### Exercise directions
Only the number is needed: the count of lines in the records with the word "XDim".

━━━ Given records

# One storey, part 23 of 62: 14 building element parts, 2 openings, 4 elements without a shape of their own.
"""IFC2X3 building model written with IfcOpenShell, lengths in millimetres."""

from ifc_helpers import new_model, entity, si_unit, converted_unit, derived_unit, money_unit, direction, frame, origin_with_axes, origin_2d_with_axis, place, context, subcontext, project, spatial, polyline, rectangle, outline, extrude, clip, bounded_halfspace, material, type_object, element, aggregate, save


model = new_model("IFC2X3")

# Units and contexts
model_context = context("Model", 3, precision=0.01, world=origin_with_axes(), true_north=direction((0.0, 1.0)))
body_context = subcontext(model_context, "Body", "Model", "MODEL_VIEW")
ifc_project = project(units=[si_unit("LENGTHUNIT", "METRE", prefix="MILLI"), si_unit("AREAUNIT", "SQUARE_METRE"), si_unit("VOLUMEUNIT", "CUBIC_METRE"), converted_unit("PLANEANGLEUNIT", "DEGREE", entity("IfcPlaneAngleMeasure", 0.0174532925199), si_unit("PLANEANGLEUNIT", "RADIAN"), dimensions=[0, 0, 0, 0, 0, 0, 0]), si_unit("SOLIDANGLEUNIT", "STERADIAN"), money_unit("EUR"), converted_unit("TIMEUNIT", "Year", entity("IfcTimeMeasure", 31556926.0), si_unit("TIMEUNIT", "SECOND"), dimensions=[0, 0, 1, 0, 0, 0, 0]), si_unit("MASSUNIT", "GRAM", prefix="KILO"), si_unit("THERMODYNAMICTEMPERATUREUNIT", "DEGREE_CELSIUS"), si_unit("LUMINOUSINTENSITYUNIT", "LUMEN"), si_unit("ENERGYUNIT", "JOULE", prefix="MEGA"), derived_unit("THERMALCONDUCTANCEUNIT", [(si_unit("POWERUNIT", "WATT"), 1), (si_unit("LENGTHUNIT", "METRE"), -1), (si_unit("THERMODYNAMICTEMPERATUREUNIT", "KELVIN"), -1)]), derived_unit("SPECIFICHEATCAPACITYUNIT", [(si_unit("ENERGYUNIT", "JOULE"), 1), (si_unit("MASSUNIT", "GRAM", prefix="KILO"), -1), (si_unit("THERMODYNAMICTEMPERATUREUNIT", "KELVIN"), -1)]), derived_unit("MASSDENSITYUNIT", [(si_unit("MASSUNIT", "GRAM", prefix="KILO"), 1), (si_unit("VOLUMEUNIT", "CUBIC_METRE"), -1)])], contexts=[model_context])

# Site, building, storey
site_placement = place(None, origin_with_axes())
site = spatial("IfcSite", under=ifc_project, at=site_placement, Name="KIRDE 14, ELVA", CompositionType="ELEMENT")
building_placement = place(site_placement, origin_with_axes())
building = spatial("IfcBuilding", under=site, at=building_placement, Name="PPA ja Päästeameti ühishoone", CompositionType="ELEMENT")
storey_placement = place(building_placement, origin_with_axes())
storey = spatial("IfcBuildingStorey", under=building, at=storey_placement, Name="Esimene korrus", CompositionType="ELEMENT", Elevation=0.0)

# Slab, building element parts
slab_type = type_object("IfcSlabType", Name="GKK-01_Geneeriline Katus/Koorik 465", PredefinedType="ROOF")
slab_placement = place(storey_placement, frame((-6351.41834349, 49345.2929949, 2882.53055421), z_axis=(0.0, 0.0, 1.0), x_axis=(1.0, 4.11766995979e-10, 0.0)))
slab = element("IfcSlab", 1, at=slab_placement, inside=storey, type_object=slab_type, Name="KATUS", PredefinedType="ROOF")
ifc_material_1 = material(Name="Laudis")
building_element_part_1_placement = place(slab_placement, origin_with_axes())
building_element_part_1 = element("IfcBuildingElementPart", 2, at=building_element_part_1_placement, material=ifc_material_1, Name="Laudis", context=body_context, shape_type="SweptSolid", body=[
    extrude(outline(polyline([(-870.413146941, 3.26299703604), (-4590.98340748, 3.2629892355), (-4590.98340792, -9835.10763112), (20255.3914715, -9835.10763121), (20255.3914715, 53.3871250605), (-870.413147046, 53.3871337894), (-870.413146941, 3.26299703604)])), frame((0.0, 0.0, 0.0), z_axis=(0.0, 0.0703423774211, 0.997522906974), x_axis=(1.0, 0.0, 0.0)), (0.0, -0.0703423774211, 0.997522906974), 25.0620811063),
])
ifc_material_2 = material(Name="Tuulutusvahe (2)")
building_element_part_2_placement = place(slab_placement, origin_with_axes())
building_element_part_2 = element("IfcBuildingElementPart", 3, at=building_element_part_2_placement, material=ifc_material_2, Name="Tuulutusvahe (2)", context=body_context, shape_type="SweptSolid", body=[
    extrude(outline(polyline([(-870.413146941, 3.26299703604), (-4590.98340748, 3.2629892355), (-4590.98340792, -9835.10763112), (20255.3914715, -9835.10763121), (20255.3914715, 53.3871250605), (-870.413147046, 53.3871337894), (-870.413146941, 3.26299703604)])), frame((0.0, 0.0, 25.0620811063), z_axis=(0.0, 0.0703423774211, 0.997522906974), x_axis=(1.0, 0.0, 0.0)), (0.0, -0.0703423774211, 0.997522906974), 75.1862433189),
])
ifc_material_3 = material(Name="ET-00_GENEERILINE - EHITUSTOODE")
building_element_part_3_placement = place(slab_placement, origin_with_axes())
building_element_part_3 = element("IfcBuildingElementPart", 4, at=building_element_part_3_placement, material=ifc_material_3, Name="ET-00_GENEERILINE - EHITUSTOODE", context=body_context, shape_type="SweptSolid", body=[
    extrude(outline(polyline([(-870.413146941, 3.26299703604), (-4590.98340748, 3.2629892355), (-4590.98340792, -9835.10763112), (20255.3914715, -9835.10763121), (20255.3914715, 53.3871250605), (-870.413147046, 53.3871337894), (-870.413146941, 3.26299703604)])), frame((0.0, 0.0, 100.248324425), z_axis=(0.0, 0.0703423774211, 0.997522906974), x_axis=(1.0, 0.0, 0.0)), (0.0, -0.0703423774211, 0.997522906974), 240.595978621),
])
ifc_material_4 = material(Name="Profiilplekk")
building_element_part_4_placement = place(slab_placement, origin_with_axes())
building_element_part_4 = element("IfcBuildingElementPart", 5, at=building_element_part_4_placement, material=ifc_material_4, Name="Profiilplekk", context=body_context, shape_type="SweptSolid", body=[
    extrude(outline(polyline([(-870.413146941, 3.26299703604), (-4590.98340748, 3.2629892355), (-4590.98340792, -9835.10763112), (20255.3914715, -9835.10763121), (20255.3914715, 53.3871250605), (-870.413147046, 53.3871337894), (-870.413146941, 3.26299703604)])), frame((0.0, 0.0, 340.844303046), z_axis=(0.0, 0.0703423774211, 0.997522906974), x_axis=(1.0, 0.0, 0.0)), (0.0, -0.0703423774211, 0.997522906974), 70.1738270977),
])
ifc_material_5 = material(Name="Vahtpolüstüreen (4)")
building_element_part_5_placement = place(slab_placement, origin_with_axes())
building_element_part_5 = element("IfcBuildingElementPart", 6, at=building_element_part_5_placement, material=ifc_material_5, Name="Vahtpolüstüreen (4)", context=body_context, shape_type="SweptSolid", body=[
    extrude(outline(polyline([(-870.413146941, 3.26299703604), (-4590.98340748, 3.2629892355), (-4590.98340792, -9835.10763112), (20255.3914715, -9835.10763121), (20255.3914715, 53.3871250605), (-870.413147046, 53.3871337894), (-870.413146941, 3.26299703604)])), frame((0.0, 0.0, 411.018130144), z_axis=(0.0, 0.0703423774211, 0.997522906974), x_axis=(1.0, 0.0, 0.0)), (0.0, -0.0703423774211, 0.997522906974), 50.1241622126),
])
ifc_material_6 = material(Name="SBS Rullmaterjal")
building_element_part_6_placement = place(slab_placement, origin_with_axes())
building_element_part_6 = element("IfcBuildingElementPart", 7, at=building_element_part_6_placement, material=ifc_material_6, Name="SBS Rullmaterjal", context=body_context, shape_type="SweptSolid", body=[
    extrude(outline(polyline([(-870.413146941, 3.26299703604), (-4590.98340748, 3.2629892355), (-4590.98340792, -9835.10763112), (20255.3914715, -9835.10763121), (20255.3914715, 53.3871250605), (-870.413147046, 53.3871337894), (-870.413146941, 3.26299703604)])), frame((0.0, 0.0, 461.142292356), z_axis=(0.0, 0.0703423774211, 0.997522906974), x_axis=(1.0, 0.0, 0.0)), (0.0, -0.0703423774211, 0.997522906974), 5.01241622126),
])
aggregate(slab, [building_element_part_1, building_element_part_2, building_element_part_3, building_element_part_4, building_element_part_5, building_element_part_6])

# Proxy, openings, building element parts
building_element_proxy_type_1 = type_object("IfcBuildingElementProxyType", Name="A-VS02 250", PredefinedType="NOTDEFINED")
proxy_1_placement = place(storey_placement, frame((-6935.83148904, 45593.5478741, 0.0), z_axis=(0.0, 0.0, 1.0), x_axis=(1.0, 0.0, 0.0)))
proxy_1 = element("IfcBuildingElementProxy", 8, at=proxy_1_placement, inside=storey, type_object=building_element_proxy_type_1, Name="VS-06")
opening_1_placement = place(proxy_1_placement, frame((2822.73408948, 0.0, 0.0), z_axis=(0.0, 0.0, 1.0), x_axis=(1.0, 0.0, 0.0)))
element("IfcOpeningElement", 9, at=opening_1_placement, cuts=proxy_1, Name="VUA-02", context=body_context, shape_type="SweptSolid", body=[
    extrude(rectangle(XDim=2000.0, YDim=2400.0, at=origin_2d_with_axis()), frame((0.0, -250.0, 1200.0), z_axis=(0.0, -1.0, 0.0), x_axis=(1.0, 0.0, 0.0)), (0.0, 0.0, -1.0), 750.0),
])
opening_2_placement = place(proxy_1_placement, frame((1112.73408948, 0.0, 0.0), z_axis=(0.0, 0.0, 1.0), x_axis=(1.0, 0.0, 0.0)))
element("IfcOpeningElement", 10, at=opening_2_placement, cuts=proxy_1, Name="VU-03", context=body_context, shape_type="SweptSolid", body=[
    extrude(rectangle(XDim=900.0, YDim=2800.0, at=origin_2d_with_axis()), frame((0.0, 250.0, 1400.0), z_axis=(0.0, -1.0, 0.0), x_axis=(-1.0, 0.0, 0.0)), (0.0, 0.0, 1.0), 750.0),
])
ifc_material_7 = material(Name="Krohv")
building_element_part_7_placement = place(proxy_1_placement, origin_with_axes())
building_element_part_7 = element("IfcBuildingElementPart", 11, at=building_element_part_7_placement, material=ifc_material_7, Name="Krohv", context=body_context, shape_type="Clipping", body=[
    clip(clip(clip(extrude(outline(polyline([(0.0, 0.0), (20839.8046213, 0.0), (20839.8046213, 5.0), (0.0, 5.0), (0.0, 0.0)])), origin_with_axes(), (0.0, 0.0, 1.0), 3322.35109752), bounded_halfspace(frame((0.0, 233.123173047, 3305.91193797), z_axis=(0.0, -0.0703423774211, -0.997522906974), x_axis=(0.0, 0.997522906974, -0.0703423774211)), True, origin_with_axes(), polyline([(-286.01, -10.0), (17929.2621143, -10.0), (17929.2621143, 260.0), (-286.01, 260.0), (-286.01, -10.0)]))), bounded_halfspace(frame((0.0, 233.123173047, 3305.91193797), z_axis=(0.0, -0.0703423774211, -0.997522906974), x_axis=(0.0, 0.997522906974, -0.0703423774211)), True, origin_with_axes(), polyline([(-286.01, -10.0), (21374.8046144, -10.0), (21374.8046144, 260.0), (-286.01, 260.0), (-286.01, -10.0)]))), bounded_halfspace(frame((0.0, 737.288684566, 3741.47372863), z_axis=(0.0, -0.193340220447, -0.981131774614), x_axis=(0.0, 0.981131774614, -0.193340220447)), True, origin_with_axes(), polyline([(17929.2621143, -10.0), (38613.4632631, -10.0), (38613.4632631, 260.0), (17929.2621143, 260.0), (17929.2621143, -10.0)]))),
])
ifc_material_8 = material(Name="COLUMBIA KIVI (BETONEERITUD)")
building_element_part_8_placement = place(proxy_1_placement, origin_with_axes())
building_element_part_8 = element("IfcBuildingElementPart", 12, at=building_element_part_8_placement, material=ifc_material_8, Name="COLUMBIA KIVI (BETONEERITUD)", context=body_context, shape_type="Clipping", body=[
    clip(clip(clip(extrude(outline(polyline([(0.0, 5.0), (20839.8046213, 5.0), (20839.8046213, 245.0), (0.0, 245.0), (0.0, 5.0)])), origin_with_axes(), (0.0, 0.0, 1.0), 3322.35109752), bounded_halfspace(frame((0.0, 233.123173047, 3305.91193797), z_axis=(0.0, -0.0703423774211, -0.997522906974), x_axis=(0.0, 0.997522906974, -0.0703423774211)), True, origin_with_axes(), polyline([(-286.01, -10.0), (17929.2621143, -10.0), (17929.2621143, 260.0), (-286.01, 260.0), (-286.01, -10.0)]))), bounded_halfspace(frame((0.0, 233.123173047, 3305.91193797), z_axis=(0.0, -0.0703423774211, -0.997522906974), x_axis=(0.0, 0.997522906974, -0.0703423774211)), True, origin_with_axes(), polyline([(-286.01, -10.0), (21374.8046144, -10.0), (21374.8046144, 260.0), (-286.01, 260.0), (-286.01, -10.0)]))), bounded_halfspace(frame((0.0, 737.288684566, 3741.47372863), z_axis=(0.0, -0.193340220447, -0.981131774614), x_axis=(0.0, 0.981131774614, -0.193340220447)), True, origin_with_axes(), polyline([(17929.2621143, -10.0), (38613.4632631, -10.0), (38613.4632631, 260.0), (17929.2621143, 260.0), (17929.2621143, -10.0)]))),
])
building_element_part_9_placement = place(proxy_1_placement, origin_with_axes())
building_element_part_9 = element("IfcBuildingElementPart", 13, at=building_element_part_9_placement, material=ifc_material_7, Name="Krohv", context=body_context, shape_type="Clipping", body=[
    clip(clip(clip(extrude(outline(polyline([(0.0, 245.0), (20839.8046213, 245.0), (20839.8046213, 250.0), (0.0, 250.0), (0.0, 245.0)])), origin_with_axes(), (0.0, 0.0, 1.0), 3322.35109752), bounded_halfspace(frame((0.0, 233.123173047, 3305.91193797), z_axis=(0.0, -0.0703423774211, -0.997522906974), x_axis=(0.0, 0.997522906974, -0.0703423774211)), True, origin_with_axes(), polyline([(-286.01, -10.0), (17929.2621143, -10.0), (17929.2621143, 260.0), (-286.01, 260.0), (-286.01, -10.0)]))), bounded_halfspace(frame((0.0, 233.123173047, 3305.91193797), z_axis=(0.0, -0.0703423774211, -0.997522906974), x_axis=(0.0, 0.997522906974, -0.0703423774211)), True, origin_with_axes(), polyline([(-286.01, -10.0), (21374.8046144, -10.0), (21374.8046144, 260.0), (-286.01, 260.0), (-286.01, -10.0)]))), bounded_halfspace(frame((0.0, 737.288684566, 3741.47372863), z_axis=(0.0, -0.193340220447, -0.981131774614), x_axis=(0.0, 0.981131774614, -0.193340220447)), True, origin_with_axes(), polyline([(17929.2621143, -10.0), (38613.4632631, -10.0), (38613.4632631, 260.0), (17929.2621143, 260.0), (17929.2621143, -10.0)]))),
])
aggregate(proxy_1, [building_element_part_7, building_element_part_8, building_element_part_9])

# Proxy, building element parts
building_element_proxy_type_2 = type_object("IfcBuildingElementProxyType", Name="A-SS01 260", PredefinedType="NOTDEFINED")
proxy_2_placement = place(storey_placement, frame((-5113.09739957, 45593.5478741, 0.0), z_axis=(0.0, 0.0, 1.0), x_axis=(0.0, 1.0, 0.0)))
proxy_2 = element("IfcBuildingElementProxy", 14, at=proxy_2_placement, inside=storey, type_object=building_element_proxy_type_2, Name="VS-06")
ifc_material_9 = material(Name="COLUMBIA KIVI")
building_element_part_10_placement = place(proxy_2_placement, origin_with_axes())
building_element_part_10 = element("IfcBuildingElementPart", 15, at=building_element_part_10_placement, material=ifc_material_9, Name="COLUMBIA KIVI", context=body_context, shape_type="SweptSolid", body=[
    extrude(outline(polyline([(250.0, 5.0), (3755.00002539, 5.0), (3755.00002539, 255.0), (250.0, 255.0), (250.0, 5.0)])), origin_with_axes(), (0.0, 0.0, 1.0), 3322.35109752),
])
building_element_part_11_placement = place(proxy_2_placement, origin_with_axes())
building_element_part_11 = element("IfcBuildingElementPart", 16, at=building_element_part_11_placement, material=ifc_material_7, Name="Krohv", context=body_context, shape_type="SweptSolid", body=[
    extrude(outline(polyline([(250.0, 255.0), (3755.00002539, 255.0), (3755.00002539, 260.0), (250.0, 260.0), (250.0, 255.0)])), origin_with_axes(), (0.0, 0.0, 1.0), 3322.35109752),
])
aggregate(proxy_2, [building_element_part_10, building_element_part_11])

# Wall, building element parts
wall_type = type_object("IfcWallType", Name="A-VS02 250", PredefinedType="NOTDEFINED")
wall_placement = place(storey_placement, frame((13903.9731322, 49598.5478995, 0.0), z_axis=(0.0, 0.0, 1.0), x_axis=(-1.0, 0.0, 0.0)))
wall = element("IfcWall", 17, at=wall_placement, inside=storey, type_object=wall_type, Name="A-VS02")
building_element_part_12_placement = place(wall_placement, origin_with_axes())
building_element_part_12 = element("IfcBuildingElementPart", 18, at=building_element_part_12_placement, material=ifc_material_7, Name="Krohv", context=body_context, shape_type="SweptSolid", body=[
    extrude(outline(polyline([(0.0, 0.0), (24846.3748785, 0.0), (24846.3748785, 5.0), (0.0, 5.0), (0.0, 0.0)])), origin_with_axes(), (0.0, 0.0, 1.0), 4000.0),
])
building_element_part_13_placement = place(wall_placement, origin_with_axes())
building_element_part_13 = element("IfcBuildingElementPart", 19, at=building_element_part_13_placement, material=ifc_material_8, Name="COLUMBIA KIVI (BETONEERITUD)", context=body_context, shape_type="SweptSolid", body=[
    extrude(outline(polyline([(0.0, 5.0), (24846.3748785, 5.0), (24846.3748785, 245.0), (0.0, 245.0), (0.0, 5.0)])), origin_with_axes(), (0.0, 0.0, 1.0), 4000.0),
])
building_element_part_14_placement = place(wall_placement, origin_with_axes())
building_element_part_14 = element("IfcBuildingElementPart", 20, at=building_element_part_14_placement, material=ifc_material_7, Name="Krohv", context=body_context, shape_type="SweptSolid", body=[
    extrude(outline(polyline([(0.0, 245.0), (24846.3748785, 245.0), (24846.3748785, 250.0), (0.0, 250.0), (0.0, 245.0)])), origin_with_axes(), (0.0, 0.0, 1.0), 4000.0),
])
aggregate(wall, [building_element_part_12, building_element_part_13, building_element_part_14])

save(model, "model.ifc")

━━━━━━

### Task output
2